If for x∈(0,1/4), the derivative of tan⁻¹(6x√x+19x³) is √x⋅g(x), then g(x) equals.

Let y = tan⁻¹(6x√x + 19x³)
Then, dy/dx = 1/(1+(6x√x + 19x³)² ) * d(6x√x + 19x³)/dx
= 1/(1+(6x√x + 19x³)² ) * (6(x^(3/2)) + 57x²)
Given that dy/dx = √x * g(x)
Therefore, g(x) = (1/(1+(6x√x + 19x³)² ) * (6(x^(3/2)) + 57x²))/√x
Let u = 6x√x + 19x³ = 6x^(3/2) + 19x³
Then du/dx = 9x^(1/2) + 57x²
Let y = tan⁻¹(u)
Then dy/du = 1/(1+u²)
dy/dx = dy/du * du/dx = (1/(1+u²)) * (9√x + 57x²)
dy/dx = √x * g(x)
g(x) = (1/(1+u²)) * (9 + 57x^(3/2))/√x
If we let u = 3x√x = 3x^(3/2), then u² = 9x³
du/dx = (9/2)√x
dy/dx = 1/(1+9x³) * (9/2)√x
Let's consider the function: y = tan⁻¹(3x√x)
Then dy/dx = [1/(1+(3x√x)²)] * d(3x^(3/2))/dx
= 1/(1+9x³) * (9/2)√x
Therefore, √x * g(x) = (9/2)√x/(1+9x³)
g(x) = 9/(2(1+9x³))
This doesn't match any of the options.
Let's reconsider the derivative:
Let u = 6x√x + 19x³
Then du/dx = 9x^(1/2) + 57x² = 9√x + 57x²
dy/dx = 1/(1+u²) * (9√x + 57x²) = √x * g(x)

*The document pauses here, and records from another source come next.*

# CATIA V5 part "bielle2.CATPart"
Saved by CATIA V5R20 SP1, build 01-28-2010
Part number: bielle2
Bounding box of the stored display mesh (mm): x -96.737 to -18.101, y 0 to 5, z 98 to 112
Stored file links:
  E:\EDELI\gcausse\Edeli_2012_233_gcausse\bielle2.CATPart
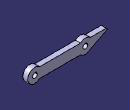
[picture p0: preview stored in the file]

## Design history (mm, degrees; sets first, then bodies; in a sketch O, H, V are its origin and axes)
Body1 (main body)
  Sketch1 on zx-plane, origin (0, 0, 0), H (-1, 0, 0), V (0, 0, 1)
    line L1 (70.202, 110) -> (30, 110)
    line L2 (70.202, 100) -> (30, 100)
    arc A1 centre (75.101, 105) radius 7 from (70.202, 110) to (70.202, 100) cw
    point P5 (75.101, 105)
    arc A2 centre (25.101, 105) radius 7 from (30, 110) to (30, 100) ccw
    point P6 (25.101, 105)
    circle A3 centre (25.101, 105) radius 2.5
    circle A4 centre (75.101, 105) radius 2.5
    radius A2 = 7
    radius A1 = 7
    distance L1 L2 = 10
    distance P6 L1 = 5
    distance P5 L2 = 5
    radius A4 = 2.5
    radius A3 = 2.5
    distance P5 P6 = 50
    horizontal: L1 H, L2 H
  Pad1: profile Sketch1, direction (0, 1, 0), length 5
  Sketch2 on end face of Pad1, origin (0, 5, 0), H (-1, 0, 0), V (0, 0, 1)
    line L1 (80, 110) -> (100, 110)
    line L2 (100, 110) -> (80, 100)
    line L3 (80, 110) -> (80, 100)
    horizontal: L1 H
    vertical: L3 V
  Pad2: profile Sketch2, direction (0, -1, 0), length 5
  Fillet1: radius 1, on edge [face of Pad2 from Sketch2.L2 | face of Pad2 from Sketch2.L1]
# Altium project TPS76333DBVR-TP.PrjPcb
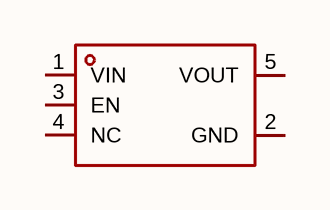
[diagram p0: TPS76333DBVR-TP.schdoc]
1 sheet, 1 parts. Net scope: global (net labels, ports and power ports of the same name join across sheets).

## Sheet TPS76333DBVR-TP.schdoc
size 127 x 101 mm

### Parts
U?  tps76333dbvr-tp  [SOT-23-5_L3.0-W1.6-P0.95-LS2.8-BR]  (value not drawn)

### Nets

Not connected (* = marked no-connect by the designer): U? 1(VIN) 2(GND) 3(EN) 4(NC) 5(VOUT)

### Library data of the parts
U? = tps76333dbvr-tp: 输出极性:正极;工作电压:12V;输出电压:3.3V;输出电流:150mA;电源纹波抑制比(PSRR):70dB@(1kHz);输出类型:固定;; Manufacturer: TECH PUBLIC(台舟); AddInBom: yes; ModelId: 72410e292833493f86746b22636ce101; ModelTransform: 110.236,116.1415,0,0,0,0,0.002,0.001,0; Output Configuration: 正极; Voltage - Supply: 12V; Output Voltage: 3.3V; Output Current: 150mA; Voltage Dropout: 420mV@(100mA); standby current: 2uA; Output Type: 固定; Number of Outputs: 1
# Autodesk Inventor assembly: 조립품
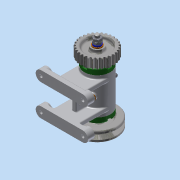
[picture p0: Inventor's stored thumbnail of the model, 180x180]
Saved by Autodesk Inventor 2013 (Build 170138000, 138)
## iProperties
Created: 2015-11
Part Number: 조립품
Document SubType Name: Assembly
Designer: user-11
Author: user-11
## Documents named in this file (16)
- C:\Users\user-11\Desktop\451109V1035\조립품.iam
- C:\Users\user-11\Desktop\451109V1035\V벨트풀리.ipt
- C:\Users\user-11\Desktop\451109V1035\너트 M 8.ipt
- C:\Users\user-11\Desktop\451109V1035\니플 M 6 x 0.75.ipt
- C:\Users\user-11\Desktop\451109V1035\베어링 15 x 32 x 9.ipt
- C:\Users\user-11\Desktop\451109V1035\본체.ipt
- C:\Users\user-11\Desktop\451109V1035\볼트 M 6 x 8.ipt
- C:\Users\user-11\Desktop\451109V1035\볼트 M4 x 12.ipt
- C:\Users\user-11\Desktop\451109V1035\스퍼기어.ipt
- C:\Users\user-11\Desktop\451109V1035\스프링와셔 8.ipt
- C:\Users\user-11\Desktop\451109V1035\오일 실 15 25 7.ipt
- C:\Users\user-11\Desktop\451109V1035\와셔 6x11.5.ipt
- C:\Users\user-11\Desktop\451109V1035\와셔 8x17.ipt
- C:\Users\user-11\Desktop\451109V1035\축.ipt
- C:\Users\user-11\Desktop\451109V1035\커버.ipt
- C:\Users\user-11\Desktop\451109V1035\키 3 x 3 x 12.ipt
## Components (8 placed, 3 different names)
1. V벨트풀리:1
2. KS B 2023 6002 - 15 x 32 x 9:1
3. KS B 2023 6002 - 15 x 32 x 9:2
4. ISO 4762 M4 x 12:2
5. ISO 4762 M4 x 12:1
6. ISO 4762 M4 x 12:3
7. ISO 4762 M4 x 12:4
8. ISO 4762 M4 x 12:5

g(x) = (9 + 57x^(3/2))/(√x(1+(6x√x + 19x³)²))
Let's assume the question meant tan⁻¹(3x√x)
Then dy/dx = 1/(1+(3x√x)²) * (9/2)√x
= (9/2)√x/(1+9x³)
Then g(x) = 9/(2(1+9x³))
This is still not one of the options. There seems to be an error in the problem statement or options.